Would you reproduce exactly the lines below from the one holding "curve 12: line" through the one holding "curve 15: line", inclusive, and no others?

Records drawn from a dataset
----

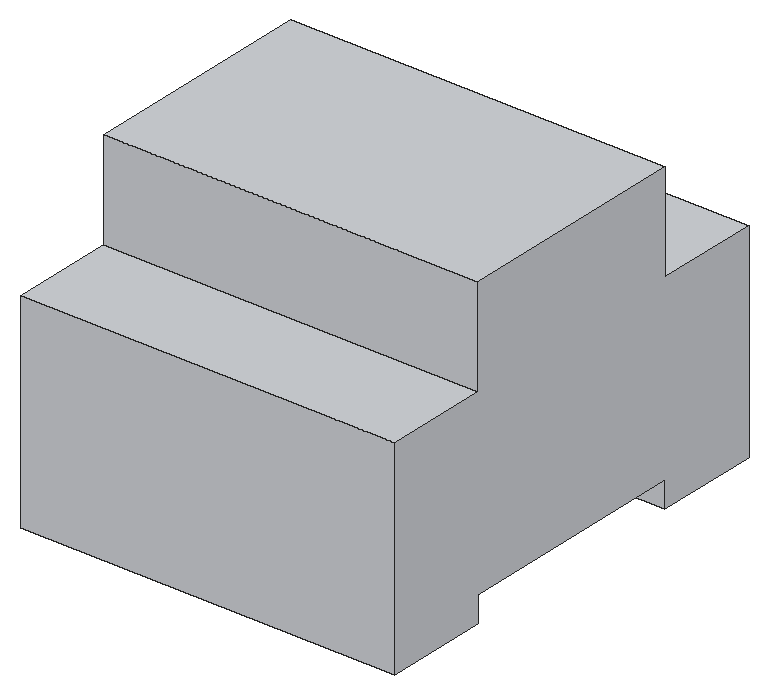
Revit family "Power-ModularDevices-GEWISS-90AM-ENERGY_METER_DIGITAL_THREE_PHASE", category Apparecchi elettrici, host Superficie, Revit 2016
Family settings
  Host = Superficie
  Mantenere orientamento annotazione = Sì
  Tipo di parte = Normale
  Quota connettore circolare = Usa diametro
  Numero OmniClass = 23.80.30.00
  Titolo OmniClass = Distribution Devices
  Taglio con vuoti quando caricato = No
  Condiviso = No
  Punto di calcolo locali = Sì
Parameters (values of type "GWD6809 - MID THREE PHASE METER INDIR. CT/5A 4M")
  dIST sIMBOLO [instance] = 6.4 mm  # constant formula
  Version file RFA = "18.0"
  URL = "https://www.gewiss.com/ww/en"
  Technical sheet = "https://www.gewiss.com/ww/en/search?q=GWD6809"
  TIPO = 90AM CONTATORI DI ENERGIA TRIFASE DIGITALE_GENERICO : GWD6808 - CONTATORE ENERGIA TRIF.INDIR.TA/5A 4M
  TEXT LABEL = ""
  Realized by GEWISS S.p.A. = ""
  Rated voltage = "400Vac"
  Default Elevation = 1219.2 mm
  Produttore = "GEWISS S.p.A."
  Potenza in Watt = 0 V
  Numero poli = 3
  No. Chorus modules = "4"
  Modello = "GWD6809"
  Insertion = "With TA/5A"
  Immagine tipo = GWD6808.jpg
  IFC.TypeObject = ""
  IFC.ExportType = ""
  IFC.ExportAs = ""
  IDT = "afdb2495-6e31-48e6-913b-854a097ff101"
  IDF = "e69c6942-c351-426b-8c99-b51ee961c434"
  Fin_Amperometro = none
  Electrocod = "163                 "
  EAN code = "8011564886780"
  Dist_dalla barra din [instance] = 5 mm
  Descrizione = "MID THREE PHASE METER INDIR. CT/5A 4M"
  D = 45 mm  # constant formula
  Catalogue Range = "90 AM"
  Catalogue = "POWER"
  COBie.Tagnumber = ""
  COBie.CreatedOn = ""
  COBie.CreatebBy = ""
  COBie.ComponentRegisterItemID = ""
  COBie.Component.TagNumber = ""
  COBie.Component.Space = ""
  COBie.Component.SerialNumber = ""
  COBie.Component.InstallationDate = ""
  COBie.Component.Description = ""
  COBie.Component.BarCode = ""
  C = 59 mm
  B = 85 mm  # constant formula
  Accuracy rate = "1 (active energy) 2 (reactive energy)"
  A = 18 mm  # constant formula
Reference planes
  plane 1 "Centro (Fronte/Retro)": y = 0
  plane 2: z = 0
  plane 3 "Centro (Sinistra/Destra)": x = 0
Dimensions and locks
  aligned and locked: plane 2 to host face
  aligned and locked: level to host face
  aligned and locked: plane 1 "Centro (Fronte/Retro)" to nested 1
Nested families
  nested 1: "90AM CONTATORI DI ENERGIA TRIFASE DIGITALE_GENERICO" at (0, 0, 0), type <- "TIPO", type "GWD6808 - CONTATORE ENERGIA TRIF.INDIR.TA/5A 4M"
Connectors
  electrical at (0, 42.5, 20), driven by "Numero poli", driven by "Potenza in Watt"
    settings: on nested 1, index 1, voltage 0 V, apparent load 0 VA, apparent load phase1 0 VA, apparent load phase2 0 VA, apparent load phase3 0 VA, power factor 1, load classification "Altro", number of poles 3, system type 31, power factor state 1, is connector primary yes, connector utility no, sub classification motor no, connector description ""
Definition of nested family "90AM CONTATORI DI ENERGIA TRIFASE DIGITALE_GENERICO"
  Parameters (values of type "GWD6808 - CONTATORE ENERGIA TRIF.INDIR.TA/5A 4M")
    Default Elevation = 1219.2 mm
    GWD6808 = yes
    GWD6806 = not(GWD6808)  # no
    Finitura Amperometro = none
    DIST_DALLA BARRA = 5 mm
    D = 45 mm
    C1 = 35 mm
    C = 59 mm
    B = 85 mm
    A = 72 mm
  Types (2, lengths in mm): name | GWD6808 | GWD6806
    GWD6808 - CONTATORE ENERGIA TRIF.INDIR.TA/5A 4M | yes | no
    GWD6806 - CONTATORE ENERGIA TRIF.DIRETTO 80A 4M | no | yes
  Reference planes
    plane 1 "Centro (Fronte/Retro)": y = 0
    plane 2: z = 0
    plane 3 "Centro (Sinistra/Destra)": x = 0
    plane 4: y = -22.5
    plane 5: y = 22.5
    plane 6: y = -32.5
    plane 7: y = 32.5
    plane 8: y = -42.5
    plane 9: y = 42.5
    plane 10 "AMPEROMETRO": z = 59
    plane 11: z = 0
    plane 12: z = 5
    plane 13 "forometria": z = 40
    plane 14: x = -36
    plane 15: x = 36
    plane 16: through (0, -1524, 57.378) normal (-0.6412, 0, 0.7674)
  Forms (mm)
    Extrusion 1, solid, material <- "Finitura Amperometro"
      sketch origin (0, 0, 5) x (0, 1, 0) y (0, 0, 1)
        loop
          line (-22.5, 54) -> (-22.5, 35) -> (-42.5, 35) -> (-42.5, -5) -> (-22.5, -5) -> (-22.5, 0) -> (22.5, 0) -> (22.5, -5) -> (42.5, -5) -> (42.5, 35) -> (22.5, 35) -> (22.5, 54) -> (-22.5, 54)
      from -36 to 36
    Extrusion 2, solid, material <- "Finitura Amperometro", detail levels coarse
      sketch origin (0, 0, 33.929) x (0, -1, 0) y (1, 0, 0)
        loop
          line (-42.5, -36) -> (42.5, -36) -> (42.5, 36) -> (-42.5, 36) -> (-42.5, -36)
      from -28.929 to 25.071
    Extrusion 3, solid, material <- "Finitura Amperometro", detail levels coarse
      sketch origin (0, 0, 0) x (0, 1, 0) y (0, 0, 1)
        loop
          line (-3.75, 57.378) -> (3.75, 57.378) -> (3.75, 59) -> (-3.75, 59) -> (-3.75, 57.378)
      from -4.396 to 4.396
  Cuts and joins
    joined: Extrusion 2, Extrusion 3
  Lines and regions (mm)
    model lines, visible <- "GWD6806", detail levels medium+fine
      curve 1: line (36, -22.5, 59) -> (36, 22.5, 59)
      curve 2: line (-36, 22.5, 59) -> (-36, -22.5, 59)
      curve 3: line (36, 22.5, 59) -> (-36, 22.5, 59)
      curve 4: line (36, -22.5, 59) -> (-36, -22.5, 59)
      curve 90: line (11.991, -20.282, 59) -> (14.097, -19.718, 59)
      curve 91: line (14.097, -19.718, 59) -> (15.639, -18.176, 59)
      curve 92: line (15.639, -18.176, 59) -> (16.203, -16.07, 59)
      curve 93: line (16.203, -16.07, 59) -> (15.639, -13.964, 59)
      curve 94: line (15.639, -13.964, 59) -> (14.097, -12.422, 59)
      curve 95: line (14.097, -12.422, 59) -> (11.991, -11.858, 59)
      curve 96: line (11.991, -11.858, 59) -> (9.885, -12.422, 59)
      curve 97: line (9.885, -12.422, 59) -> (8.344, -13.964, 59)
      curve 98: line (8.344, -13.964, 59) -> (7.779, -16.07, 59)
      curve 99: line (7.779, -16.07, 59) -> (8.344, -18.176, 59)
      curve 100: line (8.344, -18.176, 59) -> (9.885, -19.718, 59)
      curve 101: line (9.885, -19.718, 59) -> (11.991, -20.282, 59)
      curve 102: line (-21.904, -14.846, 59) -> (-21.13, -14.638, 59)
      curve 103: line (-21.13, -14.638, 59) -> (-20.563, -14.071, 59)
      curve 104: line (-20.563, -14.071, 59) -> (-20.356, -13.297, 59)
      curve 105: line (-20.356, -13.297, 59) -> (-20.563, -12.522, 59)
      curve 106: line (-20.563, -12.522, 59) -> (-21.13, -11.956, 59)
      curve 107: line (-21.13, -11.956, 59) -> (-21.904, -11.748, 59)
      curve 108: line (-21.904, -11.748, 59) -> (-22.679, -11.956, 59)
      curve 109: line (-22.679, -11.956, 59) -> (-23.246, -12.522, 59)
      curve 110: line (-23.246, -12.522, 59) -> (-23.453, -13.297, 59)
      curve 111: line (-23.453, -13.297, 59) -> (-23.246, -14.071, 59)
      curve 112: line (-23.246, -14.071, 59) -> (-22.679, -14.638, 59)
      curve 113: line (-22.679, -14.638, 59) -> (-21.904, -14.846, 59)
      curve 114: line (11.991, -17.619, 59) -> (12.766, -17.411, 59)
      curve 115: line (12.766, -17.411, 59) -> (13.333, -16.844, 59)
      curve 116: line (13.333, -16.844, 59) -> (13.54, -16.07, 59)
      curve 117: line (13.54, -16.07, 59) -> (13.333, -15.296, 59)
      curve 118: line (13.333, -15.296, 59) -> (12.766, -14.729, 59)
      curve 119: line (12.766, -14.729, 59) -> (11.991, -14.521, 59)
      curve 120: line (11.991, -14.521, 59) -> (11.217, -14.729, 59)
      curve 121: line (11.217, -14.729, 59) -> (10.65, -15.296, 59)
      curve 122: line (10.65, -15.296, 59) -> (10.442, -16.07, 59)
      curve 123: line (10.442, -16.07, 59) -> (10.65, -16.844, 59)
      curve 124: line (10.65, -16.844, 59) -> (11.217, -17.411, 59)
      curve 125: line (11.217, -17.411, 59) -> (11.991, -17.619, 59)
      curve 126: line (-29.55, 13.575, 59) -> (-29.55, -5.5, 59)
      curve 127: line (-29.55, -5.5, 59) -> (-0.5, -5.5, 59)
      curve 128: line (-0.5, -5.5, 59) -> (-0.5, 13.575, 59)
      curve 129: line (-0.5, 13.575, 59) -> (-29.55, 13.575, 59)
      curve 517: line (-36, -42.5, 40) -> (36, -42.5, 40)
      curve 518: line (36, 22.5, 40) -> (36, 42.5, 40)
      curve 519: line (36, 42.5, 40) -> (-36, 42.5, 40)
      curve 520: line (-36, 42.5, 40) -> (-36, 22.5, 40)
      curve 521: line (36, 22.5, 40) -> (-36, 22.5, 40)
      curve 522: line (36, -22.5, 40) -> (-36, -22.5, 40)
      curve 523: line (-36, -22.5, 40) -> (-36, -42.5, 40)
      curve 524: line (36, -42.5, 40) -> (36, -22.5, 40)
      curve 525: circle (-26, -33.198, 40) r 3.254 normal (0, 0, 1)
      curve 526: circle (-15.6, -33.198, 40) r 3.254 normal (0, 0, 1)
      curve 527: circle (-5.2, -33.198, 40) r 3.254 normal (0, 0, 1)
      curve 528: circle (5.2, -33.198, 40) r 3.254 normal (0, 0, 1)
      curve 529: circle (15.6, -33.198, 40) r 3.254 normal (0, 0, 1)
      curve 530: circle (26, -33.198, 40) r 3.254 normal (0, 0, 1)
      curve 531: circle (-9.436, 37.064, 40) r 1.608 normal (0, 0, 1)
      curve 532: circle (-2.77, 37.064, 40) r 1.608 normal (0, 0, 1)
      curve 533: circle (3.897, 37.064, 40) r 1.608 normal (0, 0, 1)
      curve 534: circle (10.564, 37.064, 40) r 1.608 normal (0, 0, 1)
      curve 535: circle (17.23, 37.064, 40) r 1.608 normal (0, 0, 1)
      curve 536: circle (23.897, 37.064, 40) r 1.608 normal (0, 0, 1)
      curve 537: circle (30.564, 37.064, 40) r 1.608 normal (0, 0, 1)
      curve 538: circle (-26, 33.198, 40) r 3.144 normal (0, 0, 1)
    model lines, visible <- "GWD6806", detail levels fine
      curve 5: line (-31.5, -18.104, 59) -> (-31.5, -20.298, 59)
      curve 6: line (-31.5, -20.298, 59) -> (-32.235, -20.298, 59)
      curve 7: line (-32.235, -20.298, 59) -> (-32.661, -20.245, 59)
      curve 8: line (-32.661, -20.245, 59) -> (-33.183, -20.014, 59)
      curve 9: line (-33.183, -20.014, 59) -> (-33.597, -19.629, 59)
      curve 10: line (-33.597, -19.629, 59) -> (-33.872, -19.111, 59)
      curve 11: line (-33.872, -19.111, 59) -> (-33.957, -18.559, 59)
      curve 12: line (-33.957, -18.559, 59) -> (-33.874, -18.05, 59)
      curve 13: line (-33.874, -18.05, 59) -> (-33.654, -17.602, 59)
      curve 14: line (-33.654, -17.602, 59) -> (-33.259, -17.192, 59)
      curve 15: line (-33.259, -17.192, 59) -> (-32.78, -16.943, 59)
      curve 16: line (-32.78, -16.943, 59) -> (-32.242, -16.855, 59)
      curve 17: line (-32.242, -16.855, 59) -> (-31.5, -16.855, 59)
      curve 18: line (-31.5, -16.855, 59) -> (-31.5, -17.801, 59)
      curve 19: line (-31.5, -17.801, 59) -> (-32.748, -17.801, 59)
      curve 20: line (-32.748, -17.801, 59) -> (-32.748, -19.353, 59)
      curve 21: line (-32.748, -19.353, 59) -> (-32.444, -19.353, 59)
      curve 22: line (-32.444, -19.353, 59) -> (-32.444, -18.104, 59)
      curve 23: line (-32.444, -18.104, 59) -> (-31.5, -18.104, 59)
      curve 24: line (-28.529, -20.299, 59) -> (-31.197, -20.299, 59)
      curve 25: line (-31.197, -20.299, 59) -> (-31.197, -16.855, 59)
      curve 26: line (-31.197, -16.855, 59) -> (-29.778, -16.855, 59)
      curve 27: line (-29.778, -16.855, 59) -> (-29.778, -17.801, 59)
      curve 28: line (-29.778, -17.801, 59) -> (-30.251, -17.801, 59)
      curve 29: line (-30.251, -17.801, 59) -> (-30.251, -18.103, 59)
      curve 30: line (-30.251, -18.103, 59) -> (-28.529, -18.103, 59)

----

• **RESULT FOR THIS TASK**:
      curve 12: line (-33.957, -18.559, 59) -> (-33.874, -18.05, 59)
      curve 13: line (-33.874, -18.05, 59) -> (-33.654, -17.602, 59)
      curve 14: line (-33.654, -17.602, 59) -> (-33.259, -17.192, 59)
      curve 15: line (-33.259, -17.192, 59) -> (-32.78, -16.943, 59)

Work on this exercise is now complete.